BEGIN
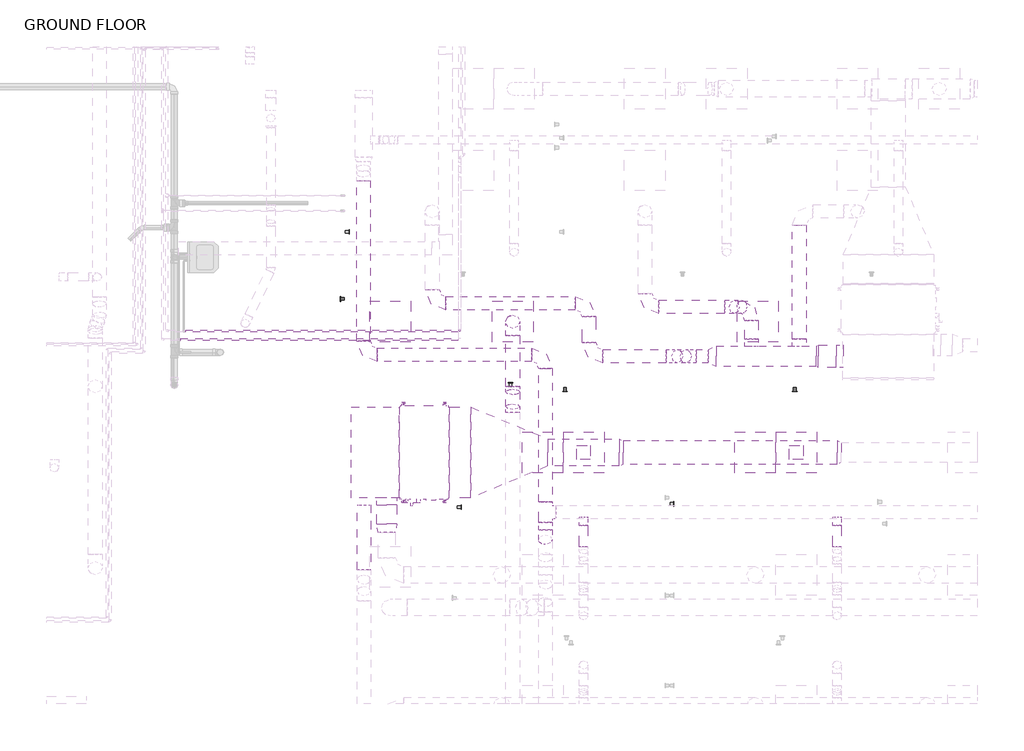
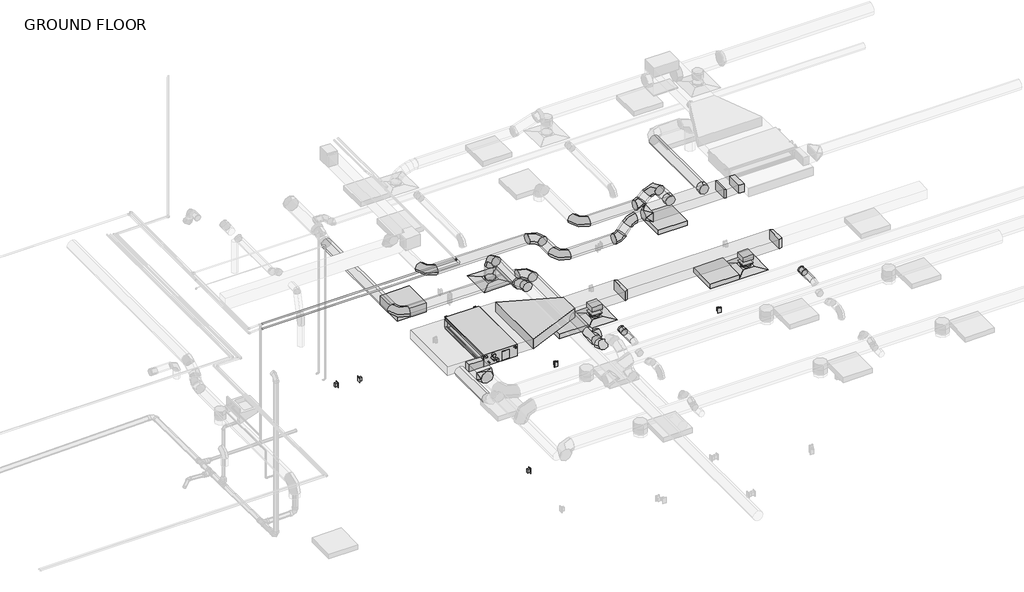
# One storey, part 15 of 22: 31 duct fittings, 28 duct segments, 4 light fixtures, 4 proxies, 3 air terminals, 3 switching devices, 2 pipe segments, 1 electric appliance, 1 pipe fitting.
"""IFC4 building model written with IfcOpenShell, lengths in millimetres."""

from ifc_helpers import new_model, si_unit, point, frame, frame_2d, origin, place, context, project, spatial, polyline, circle_curve, trimmed, segment, composite_curve, outline, extrude, transform, mapped, element, save
from components import air_terminal_e9020785, mechanical_equipment_d478180c, duplex_receptacle_countertop_10251bba, rectangular_takeoff_standard_68f80ab3, rectangular_takeoff_standard_d07ea574, rectangular_takeoff_standard_fde45e03, rectangular_transition_angle_45_degree_0521c937, rectangular_transition_angle_45_degree_85914557, rectangular_transition_angle_45_degree_791ae252, rectangular_transition_angle_45_degree_a1440fe9, rectangular_to_round_transition_angle_45_degree_5a025447, rectangular_to_round_transition_angle_45_degree_f8b25ec9, rectangular_to_round_transition_angle_45_degree_789dc1ad, round_elbow_1_d_fe38274b, round_elbow_1_d_20ab3410, round_elbow_1_d_a253342a, round_elbow_1_d_ab3aa7ba, round_takeoff_standard_d3b0d0f9, round_takeoff_standard_272bb003, round_tee_standard_4a79b710, telephone_outlet_data_plain_18c24199, troffer_corner_insert_2x2_3_lamp_emergency_29e3a813, troffer_corner_insert_2x2_3lamp_e67c7f8f, elbow_generic_standard_c06ac706

model = new_model("IFC4")

# Units and contexts
model_context = context("Model", 3, world=origin())
ifc_project = project(units=[si_unit("LENGTHUNIT", "METRE", prefix="MILLI")], contexts=[model_context])

# Site, building, storey
site = spatial("IfcSite", under=ifc_project)
building = spatial("IfcBuilding", under=site)
storey = spatial("IfcBuildingStorey", under=building, Name="GROUND FLOOR", Elevation=30480.0)

# Air terminals
placement = place(None, origin())
air_terminal_shape = air_terminal_e9020785(model_context)
element("IfcAirTerminal", 1, ObjectType="Supply Diffuser - Rectangular Face Round Neck - Hosted : 24\"x24\" Face 8\" Neck - Hosted", at=placement, inside=storey, context=model_context, shape_type="MappedRepresentation", body=[
    mapped(air_terminal_shape, transform((-799.1454607, 1382.1195005, 33223.2), x_axis=(0.0, -1.0, 0.0), y_axis=(-1.0, 0.0, 0.0), z_axis=(0.0, 0.0, -1.0))),
])
element("IfcAirTerminal", 2, ObjectType="Supply Diffuser - Rectangular Face Round Neck - Hosted : 24\"x24\" Face 8\" Neck - Hosted", at=placement, inside=storey, context=model_context, shape_type="MappedRepresentation", body=[
    mapped(air_terminal_shape, transform((-3970.9704607, 1382.1195005, 33223.2), x_axis=(0.0, -1.0, 0.0), y_axis=(-1.0, 0.0, 0.0), z_axis=(0.0, 0.0, -1.0))),
])
element("IfcAirTerminal", 3, ObjectType="Supply Diffuser - Rectangular Face Round Neck - Hosted : 24\"x24\" Face 8\" Neck - Hosted", at=placement, inside=storey, context=model_context, shape_type="MappedRepresentation", body=[
    mapped(air_terminal_shape, transform((-5028.2454607, 3334.7445005, 33223.2), x_axis=(0.0, -1.0, 0.0), y_axis=(-1.0, 0.0, 0.0), z_axis=(0.0, 0.0, -1.0))),
])

# Proxies
mechanical_equipment_shape = mechanical_equipment_d478180c(model_context)
element("IfcBuildingElementProxy", 4, Name="PEFY-P-NMAU-E_Medium_Static_Ducted : PEFY-P36NMAU-E", ObjectType="PEFY-P-NMAU-E_Medium_Static_Ducted : PEFY-P36NMAU-E", at=placement, inside=storey, context=model_context, shape_type="MappedRepresentation", body=[
    mapped(mechanical_equipment_shape, transform((-6407.5018914, 1372.1072576, 33458.15), x_axis=(0.0, -1.0, 0.0), y_axis=(1.0, 0.0, 0.0), z_axis=(0.0, 0.0, 1.0))),
])
duplex_receptacle_countertop_shape = duplex_receptacle_countertop_10251bba(model_context)
element("IfcBuildingElementProxy", 5, Name="Duplex Receptacle : Countertop", ObjectType="Duplex Receptacle : Countertop", at=placement, inside=storey, context=model_context, shape_type="MappedRepresentation", body=[
    mapped(duplex_receptacle_countertop_shape, transform((-7469.8204607, 4677.7695005, 30937.2), x_axis=(0.0, 1.0, 0.0), y_axis=(0.0, 0.0, 1.0), z_axis=(1.0, 0.0, 0.0))),
])
element("IfcBuildingElementProxy", 6, Name="Duplex Receptacle : Standard", ObjectType="Duplex Receptacle : Standard", at=placement, inside=storey, context=model_context, shape_type="MappedRepresentation", body=[
    mapped(duplex_receptacle_countertop_shape, transform((-5799.7704607, 567.377149, 30937.2), x_axis=(0.0, 1.0, 0.0), y_axis=(0.0, 0.0, 1.0), z_axis=(1.0, 0.0, 0.0))),
])
element("IfcBuildingElementProxy", 7, Name="Duplex Receptacle : Standard", ObjectType="Duplex Receptacle : Standard", at=placement, inside=storey, context=model_context, shape_type="MappedRepresentation", body=[
    mapped(duplex_receptacle_countertop_shape, transform((-5062.4392218, 2420.3445005, 30937.2), x_axis=(-1.0, 0.0, 0.0), y_axis=(0.0, 0.0, 1.0), z_axis=(0.0, 1.0, 0.0))),
])

# Duct fittings
rectangular_takeoff_standard_shape = rectangular_takeoff_standard_68f80ab3(model_context)
element("IfcDuctFitting", 8, ObjectType="Rectangular Takeoff : Standard", at=placement, inside=storey, context=model_context, shape_type="MappedRepresentation", body=[
    mapped(rectangular_takeoff_standard_shape, transform((-101.8689282, 2818.301218, 33947.89375), x_axis=(-1.0, 0.0, 0.0), y_axis=(0.0, 1.0, 0.0), z_axis=(0.0, 0.0, -1.0))),
])
rectangular_takeoff_standard_2_shape = rectangular_takeoff_standard_d07ea574(model_context)
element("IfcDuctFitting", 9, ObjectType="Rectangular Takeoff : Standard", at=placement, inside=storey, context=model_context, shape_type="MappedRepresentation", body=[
END
_DIRECTIONS FOR THIS TASK_: Copy all entries exactly; skip pictures.

_WRITTEN ANSWER_:
# One storey, part 15 of 22: 31 duct fittings, 28 duct segments, 4 light fixtures, 4 proxies, 3 air terminals, 3 switching devices, 2 pipe segments, 1 electric appliance, 1 pipe fitting.
"""IFC4 building model written with IfcOpenShell, lengths in millimetres."""

from ifc_helpers import new_model, si_unit, point, frame, frame_2d, origin, place, context, project, spatial, polyline, circle_curve, trimmed, segment, composite_curve, outline, extrude, transform, mapped, element, save
from components import air_terminal_e9020785, mechanical_equipment_d478180c, duplex_receptacle_countertop_10251bba, rectangular_takeoff_standard_68f80ab3, rectangular_takeoff_standard_d07ea574, rectangular_takeoff_standard_fde45e03, rectangular_transition_angle_45_degree_0521c937, rectangular_transition_angle_45_degree_85914557, rectangular_transition_angle_45_degree_791ae252, rectangular_transition_angle_45_degree_a1440fe9, rectangular_to_round_transition_angle_45_degree_5a025447, rectangular_to_round_transition_angle_45_degree_f8b25ec9, rectangular_to_round_transition_angle_45_degree_789dc1ad, round_elbow_1_d_fe38274b, round_elbow_1_d_20ab3410, round_elbow_1_d_a253342a, round_elbow_1_d_ab3aa7ba, round_takeoff_standard_d3b0d0f9, round_takeoff_standard_272bb003, round_tee_standard_4a79b710, telephone_outlet_data_plain_18c24199, troffer_corner_insert_2x2_3_lamp_emergency_29e3a813, troffer_corner_insert_2x2_3lamp_e67c7f8f, elbow_generic_standard_c06ac706

model = new_model("IFC4")

# Units and contexts
model_context = context("Model", 3, world=origin())
ifc_project = project(units=[si_unit("LENGTHUNIT", "METRE", prefix="MILLI")], contexts=[model_context])

# Site, building, storey
site = spatial("IfcSite", under=ifc_project)
building = spatial("IfcBuilding", under=site)
storey = spatial("IfcBuildingStorey", under=building, Name="GROUND FLOOR", Elevation=30480.0)

# Air terminals
placement = place(None, origin())
air_terminal_shape = air_terminal_e9020785(model_context)
element("IfcAirTerminal", 1, ObjectType="Supply Diffuser - Rectangular Face Round Neck - Hosted : 24\"x24\" Face 8\" Neck - Hosted", at=placement, inside=storey, context=model_context, shape_type="MappedRepresentation", body=[
    mapped(air_terminal_shape, transform((-799.1454607, 1382.1195005, 33223.2), x_axis=(0.0, -1.0, 0.0), y_axis=(-1.0, 0.0, 0.0), z_axis=(0.0, 0.0, -1.0))),
])
element("IfcAirTerminal", 2, ObjectType="Supply Diffuser - Rectangular Face Round Neck - Hosted : 24\"x24\" Face 8\" Neck - Hosted", at=placement, inside=storey, context=model_context, shape_type="MappedRepresentation", body=[
    mapped(air_terminal_shape, transform((-3970.9704607, 1382.1195005, 33223.2), x_axis=(0.0, -1.0, 0.0), y_axis=(-1.0, 0.0, 0.0), z_axis=(0.0, 0.0, -1.0))),
])
element("IfcAirTerminal", 3, ObjectType="Supply Diffuser - Rectangular Face Round Neck - Hosted : 24\"x24\" Face 8\" Neck - Hosted", at=placement, inside=storey, context=model_context, shape_type="MappedRepresentation", body=[
    mapped(air_terminal_shape, transform((-5028.2454607, 3334.7445005, 33223.2), x_axis=(0.0, -1.0, 0.0), y_axis=(-1.0, 0.0, 0.0), z_axis=(0.0, 0.0, -1.0))),
])

# Proxies
mechanical_equipment_shape = mechanical_equipment_d478180c(model_context)
element("IfcBuildingElementProxy", 4, Name="PEFY-P-NMAU-E_Medium_Static_Ducted : PEFY-P36NMAU-E", ObjectType="PEFY-P-NMAU-E_Medium_Static_Ducted : PEFY-P36NMAU-E", at=placement, inside=storey, context=model_context, shape_type="MappedRepresentation", body=[
    mapped(mechanical_equipment_shape, transform((-6407.5018914, 1372.1072576, 33458.15), x_axis=(0.0, -1.0, 0.0), y_axis=(1.0, 0.0, 0.0), z_axis=(0.0, 0.0, 1.0))),
])
duplex_receptacle_countertop_shape = duplex_receptacle_countertop_10251bba(model_context)
element("IfcBuildingElementProxy", 5, Name="Duplex Receptacle : Countertop", ObjectType="Duplex Receptacle : Countertop", at=placement, inside=storey, context=model_context, shape_type="MappedRepresentation", body=[
    mapped(duplex_receptacle_countertop_shape, transform((-7469.8204607, 4677.7695005, 30937.2), x_axis=(0.0, 1.0, 0.0), y_axis=(0.0, 0.0, 1.0), z_axis=(1.0, 0.0, 0.0))),
])
element("IfcBuildingElementProxy", 6, Name="Duplex Receptacle : Standard", ObjectType="Duplex Receptacle : Standard", at=placement, inside=storey, context=model_context, shape_type="MappedRepresentation", body=[
    mapped(duplex_receptacle_countertop_shape, transform((-5799.7704607, 567.377149, 30937.2), x_axis=(0.0, 1.0, 0.0), y_axis=(0.0, 0.0, 1.0), z_axis=(1.0, 0.0, 0.0))),
])
element("IfcBuildingElementProxy", 7, Name="Duplex Receptacle : Standard", ObjectType="Duplex Receptacle : Standard", at=placement, inside=storey, context=model_context, shape_type="MappedRepresentation", body=[
    mapped(duplex_receptacle_countertop_shape, transform((-5062.4392218, 2420.3445005, 30937.2), x_axis=(-1.0, 0.0, 0.0), y_axis=(0.0, 0.0, 1.0), z_axis=(0.0, 1.0, 0.0))),
])

# Duct fittings
rectangular_takeoff_standard_shape = rectangular_takeoff_standard_68f80ab3(model_context)
element("IfcDuctFitting", 8, ObjectType="Rectangular Takeoff : Standard", at=placement, inside=storey, context=model_context, shape_type="MappedRepresentation", body=[
    mapped(rectangular_takeoff_standard_shape, transform((-101.8689282, 2818.301218, 33947.89375), x_axis=(-1.0, 0.0, 0.0), y_axis=(0.0, 1.0, 0.0), z_axis=(0.0, 0.0, -1.0))),
])
rectangular_takeoff_standard_2_shape = rectangular_takeoff_standard_d07ea574(model_context)
element("IfcDuctFitting", 9, ObjectType="Rectangular Takeoff : Standard", at=placement, inside=storey, context=model_context, shape_type="MappedRepresentation", body=[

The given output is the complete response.